SeongryongJung/Qwen3-4B-Chemistry-GRPO
SeongryongJung/Qwen3-4B-Chemistry-GRPO is a 4 billion parameter Qwen3-based language model fine-tuned by SeongryongJung using GRPO on a chemistry-specific dataset. This model is specialized for chemistry-related tasks, demonstrating a validation performance of 66.58% on the SciKnowEval chemistry split. It is designed to excel in applications requiring nuanced understanding and generation within the field of chemistry.
Loading preview...
Model Overview
SeongryongJung/Qwen3-4B-Chemistry-GRPO is a specialized 4 billion parameter language model, fine-tuned from the Qwen/Qwen3-4B base model. Its development focused on enhancing performance in chemistry-related tasks through the application of the GRPO (Generalized Reinforcement Learning from Policy Optimization) method on the chemistry split of a dataset.
Key Capabilities & Performance
This model is specifically optimized for chemistry applications. Its validation performance was measured using the val-aux/sciknoweval/reward/mean@16 metric, achieving a peak of 66.58% at step 100. This indicates its proficiency in handling complex chemistry-specific queries and tasks. The training process involved 100 steps, with performance steadily improving throughout.
Use Cases
- Chemistry-specific problem solving: Ideal for tasks requiring deep knowledge in chemistry.

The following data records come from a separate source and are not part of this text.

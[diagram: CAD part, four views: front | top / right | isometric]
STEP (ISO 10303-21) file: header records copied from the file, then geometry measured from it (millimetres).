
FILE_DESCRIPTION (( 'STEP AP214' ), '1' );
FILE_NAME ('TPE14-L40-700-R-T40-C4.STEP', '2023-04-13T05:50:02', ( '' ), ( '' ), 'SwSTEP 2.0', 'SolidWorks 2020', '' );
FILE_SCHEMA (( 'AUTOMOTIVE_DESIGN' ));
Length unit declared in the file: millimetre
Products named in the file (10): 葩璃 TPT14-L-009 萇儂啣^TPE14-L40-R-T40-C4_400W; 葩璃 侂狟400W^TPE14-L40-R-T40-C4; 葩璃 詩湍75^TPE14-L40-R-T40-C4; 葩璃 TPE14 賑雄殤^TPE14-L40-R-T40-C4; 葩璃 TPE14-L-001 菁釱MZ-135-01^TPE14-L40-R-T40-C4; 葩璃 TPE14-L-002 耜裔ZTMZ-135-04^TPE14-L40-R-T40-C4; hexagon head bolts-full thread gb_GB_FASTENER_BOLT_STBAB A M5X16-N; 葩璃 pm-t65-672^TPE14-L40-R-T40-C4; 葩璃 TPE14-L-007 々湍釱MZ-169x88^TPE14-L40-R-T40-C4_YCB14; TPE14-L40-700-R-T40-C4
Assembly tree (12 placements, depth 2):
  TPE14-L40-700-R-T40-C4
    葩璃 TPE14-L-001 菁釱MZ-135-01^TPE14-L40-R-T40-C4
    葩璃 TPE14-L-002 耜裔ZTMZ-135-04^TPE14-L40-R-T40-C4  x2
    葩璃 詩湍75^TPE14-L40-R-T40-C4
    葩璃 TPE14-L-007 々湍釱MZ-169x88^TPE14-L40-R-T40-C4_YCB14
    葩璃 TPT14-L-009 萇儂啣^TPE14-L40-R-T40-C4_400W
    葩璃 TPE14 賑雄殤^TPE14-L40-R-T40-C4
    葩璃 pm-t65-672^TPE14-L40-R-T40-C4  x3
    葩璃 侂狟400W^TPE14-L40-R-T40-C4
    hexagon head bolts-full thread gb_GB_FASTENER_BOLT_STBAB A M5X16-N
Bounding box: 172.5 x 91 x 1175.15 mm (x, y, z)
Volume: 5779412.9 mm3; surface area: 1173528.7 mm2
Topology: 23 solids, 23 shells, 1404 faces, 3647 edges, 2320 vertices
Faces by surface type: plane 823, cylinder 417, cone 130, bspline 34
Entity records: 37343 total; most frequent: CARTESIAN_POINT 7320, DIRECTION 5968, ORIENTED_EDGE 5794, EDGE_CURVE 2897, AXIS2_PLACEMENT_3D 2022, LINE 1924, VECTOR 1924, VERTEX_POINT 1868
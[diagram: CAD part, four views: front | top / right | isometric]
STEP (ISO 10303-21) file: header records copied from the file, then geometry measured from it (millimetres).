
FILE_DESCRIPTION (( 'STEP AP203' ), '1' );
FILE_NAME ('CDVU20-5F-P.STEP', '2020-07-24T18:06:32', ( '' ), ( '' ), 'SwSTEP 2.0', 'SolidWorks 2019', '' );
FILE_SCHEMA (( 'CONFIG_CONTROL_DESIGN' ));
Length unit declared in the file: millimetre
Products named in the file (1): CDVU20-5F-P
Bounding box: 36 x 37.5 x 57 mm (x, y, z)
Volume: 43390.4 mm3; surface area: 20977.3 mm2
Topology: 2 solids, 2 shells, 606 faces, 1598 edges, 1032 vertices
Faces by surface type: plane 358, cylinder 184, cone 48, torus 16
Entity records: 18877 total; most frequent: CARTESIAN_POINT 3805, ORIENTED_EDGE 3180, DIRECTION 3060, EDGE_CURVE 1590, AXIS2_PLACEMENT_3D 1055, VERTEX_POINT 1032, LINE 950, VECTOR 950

- Research and development: Can assist in generating or analyzing chemical information.
- Educational tools: Potentially useful for creating chemistry-focused learning resources.
Technical Details
The model weights are the final global_step_100/actor checkpoint, converted from VERL FSDP shards to the Hugging Face format. The fine-tuning process was tracked via a W&B run (run-20260629_124519-qs487q2t).